These guys are more of a heavy rock band with some progressive tendencies, not really a full-fledged prog band. Think Uriah Heep with a little Wishbone Ash sprinkled on the top and you get the idea. They started out as an acoustic band and there’s plenty of acoustic guitar on this release, but also electric guitar, keyboards and brass (mostly saxophone). The tracks range from fairly heavy to nearly ballad-like, with pretty much all of the songs heavy with three-part harmony vocals from bassist Robin Lamble, guitarist/keyboardist Chaz Jankel, and guitarist Nico Ramsden.

A few songs stand out. “Trade Wind” is very Wishbone Ash-sounding with great vocal harmonies and those early seventies partly mystic/partly hippy lyrics. “Into the Country” is one of those early seventies ‘let’s all frolic in the meadow’ kind of songs with a bit of a dark edge to it. “Lady Friend” has a pleasant rolling rhythm wrapped in a love song with romantic saxophone, a nice tune but out of character with the rest of the album.

But the marquee track is the sometimes experimental and tempo-shifting eleven minute mini-epic “Why or maybe it's Because”, full of synthesized strings, staccato piano, and more ‘For my Lady’ type lyrics. This is the kind of tune that would have played very well live back then (and probably today for the right audience), although the repetitive and extended closing riff does get a bit tedious after several minutes.

The members of the band all seem to have been journeymen, with most of them going on to fruitful music careers. Following the band’s breakup a year later Jankel would begin a long relationship with Ian Drury’s various lineups, and earned himself a nice nest egg by penning “Ai No Corrida” in 1979, which became a major R&B hit for Quincy Jones on his 1980 ‘The Dude’ release. One of my favorite Quincy Jones tunes and his best album, by the way.
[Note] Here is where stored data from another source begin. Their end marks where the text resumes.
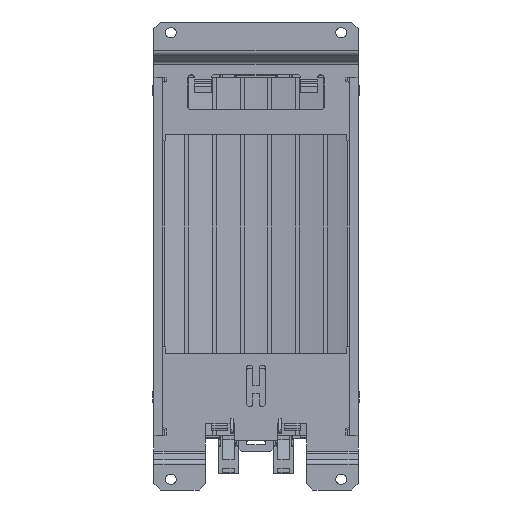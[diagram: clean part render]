
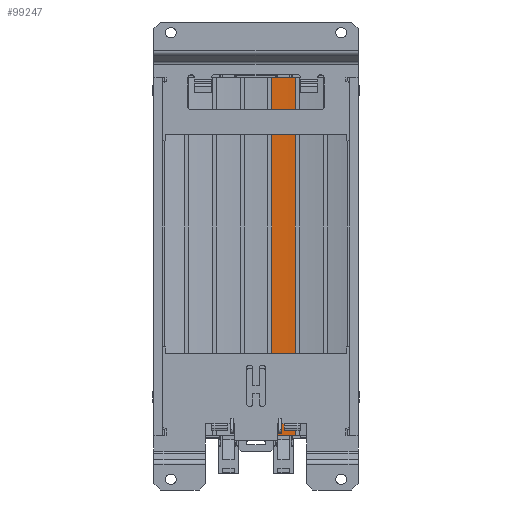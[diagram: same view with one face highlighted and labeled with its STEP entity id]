
A CAD part, front view. The second image highlights one B-rep face of the part: STEP entity #99247.
In plain terms, the highlighted cylindrical face has radius 170.84 mm (diameter 341.68 mm), a partial arc.
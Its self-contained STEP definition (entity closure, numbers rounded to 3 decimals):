
#11803=CARTESIAN_POINT('',(0.,-222.34,-84.));
#11804=DIRECTION('',(0.,0.,-1.));
#11805=DIRECTION('',(0.044,0.999,0.));
#11806=AXIS2_PLACEMENT_3D('',#11803,#11804,#11805);
#12797=CARTESIAN_POINT('',(0.,-222.34,84.));
#12798=DIRECTION('',(0.,0.,1.));
#12799=DIRECTION('',(0.108,0.994,0.));
#12800=AXIS2_PLACEMENT_3D('',#12797,#12798,#12799);
#14456=DIRECTION('',(0.,0.,1.));
#14457=VECTOR('',#14456,168.);
#14458=CARTESIAN_POINT('',(18.5,-52.505,-84.));
#14459=LINE('',#14458,#14457);
#14464=DIRECTION('',(0.,0.,1.));
#14465=VECTOR('',#14464,168.);
#14466=CARTESIAN_POINT('',(7.5,-51.665,-84.));
#14467=LINE('',#14466,#14465);
#59808=CARTESIAN_POINT('',(7.5,-51.665,-84.));
#59809=CARTESIAN_POINT('',(18.5,-52.505,-84.));
#59810=VERTEX_POINT('',#59808);
#59811=VERTEX_POINT('',#59809);
#59990=CARTESIAN_POINT('',(18.5,-52.505,84.));
#59992=VERTEX_POINT('',#59990);
#59994=CARTESIAN_POINT('',(7.5,-51.665,84.));
#59995=VERTEX_POINT('',#59994);
#99235=CARTESIAN_POINT('',(0.,-222.34,87.36));
#99236=DIRECTION('',(0.,0.,-1.));
#99237=DIRECTION('',(-1.,0.,0.));
#99238=AXIS2_PLACEMENT_3D('',#99235,#99236,#99237);
#99239=CYLINDRICAL_SURFACE('',#99238,170.84);
#99240=ORIENTED_EDGE('',*,*,#95828,.F.);
#99242=ORIENTED_EDGE('',*,*,#99241,.T.);
#99243=ORIENTED_EDGE('',*,*,#96800,.F.);
#99244=ORIENTED_EDGE('',*,*,#99228,.F.);
#99245=EDGE_LOOP('',(#99240,#99242,#99243,#99244));
#99246=FACE_OUTER_BOUND('',#99245,.F.);
#11807=CIRCLE('',#11806,170.84);
#12801=CIRCLE('',#12800,170.84);
#95828=EDGE_CURVE('',#59810,#59811,#11807,.T.);
#96800=EDGE_CURVE('',#59992,#59995,#12801,.T.);
#99228=EDGE_CURVE('',#59811,#59992,#14459,.T.);
#99241=EDGE_CURVE('',#59810,#59995,#14467,.T.);
#99247=ADVANCED_FACE('',(#99246),#99239,.F.);
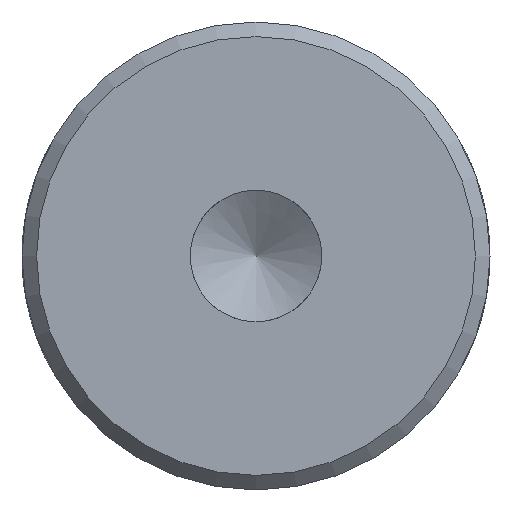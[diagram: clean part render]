
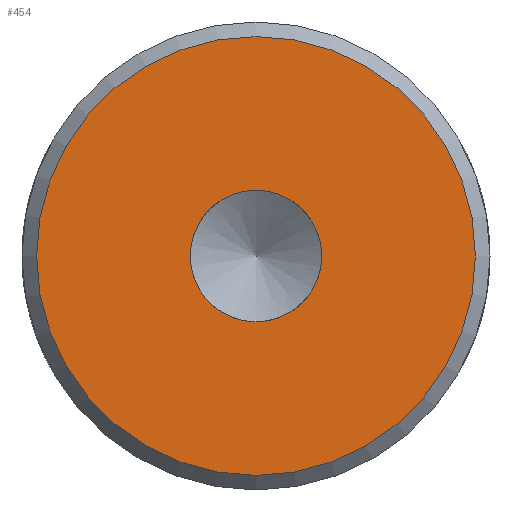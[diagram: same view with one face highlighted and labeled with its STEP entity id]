
A CAD part, left-side view. The second image highlights one B-rep face of the part: STEP entity #454.
In plain terms, the highlighted planar face has unit normal (-1, 0, 0).
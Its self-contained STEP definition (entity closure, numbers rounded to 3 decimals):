
#24=PLANE('',#513);
#31=FACE_BOUND('',#84,.T.);
#56=FACE_OUTER_BOUND('',#83,.T.);
#83=EDGE_LOOP('',(#366));
#84=EDGE_LOOP('',(#367,#368));
#97=CIRCLE('',#488,2.25);
#98=CIRCLE('',#489,2.25);
#112=CIRCLE('',#512,7.5);
#184=VERTEX_POINT('',#720);
#185=VERTEX_POINT('',#721);
#208=VERTEX_POINT('',#1123);
#232=EDGE_CURVE('',#184,#185,#97,.T.);
#233=EDGE_CURVE('',#185,#184,#98,.T.);
#267=EDGE_CURVE('',#208,#208,#112,.T.);
#366=ORIENTED_EDGE('',*,*,#267,.F.);
#367=ORIENTED_EDGE('',*,*,#232,.T.);
#368=ORIENTED_EDGE('',*,*,#233,.T.);
#454=ADVANCED_FACE('',(#56,#31),#24,.T.);
#488=AXIS2_PLACEMENT_3D('',#722,#550,#551);
#489=AXIS2_PLACEMENT_3D('',#723,#552,#553);
#512=AXIS2_PLACEMENT_3D('',#1125,#610,#611);
#513=AXIS2_PLACEMENT_3D('',#1126,#612,#613);
#550=DIRECTION('center_axis',(1.,0.,0.));
#551=DIRECTION('ref_axis',(0.,0.,1.));
#552=DIRECTION('center_axis',(1.,0.,0.));
#553=DIRECTION('ref_axis',(0.,0.,1.));
#610=DIRECTION('center_axis',(1.,0.,0.));
#611=DIRECTION('ref_axis',(0.,-1.,0.));
#612=DIRECTION('center_axis',(-1.,0.,0.));
#613=DIRECTION('ref_axis',(0.,0.,1.));
#720=CARTESIAN_POINT('',(-51.5,0.,2.25));
#721=CARTESIAN_POINT('',(-51.5,0.,-2.25));
#722=CARTESIAN_POINT('Origin',(-51.5,0.,0.));
#723=CARTESIAN_POINT('Origin',(-51.5,0.,0.));
#1123=CARTESIAN_POINT('',(-51.5,7.5,0.));
#1125=CARTESIAN_POINT('Origin',(-51.5,0.,0.));
#1126=CARTESIAN_POINT('Origin',(-51.5,8.,0.));

Lamble returned to Al Stewart’s camp for several albums; and Nico Ramsden would appear on Mike Oldfield’s ‘Platinum’ release as well as appear with Gong and Rick Wakeman in the latter seventies.

In all this is a solid album, but certainly not essential. Three stars is an accurate rating, but it would be interesting to hear this album with a decent remastering treatment and CD reissue. Recommended to early seventies heavy prog fans.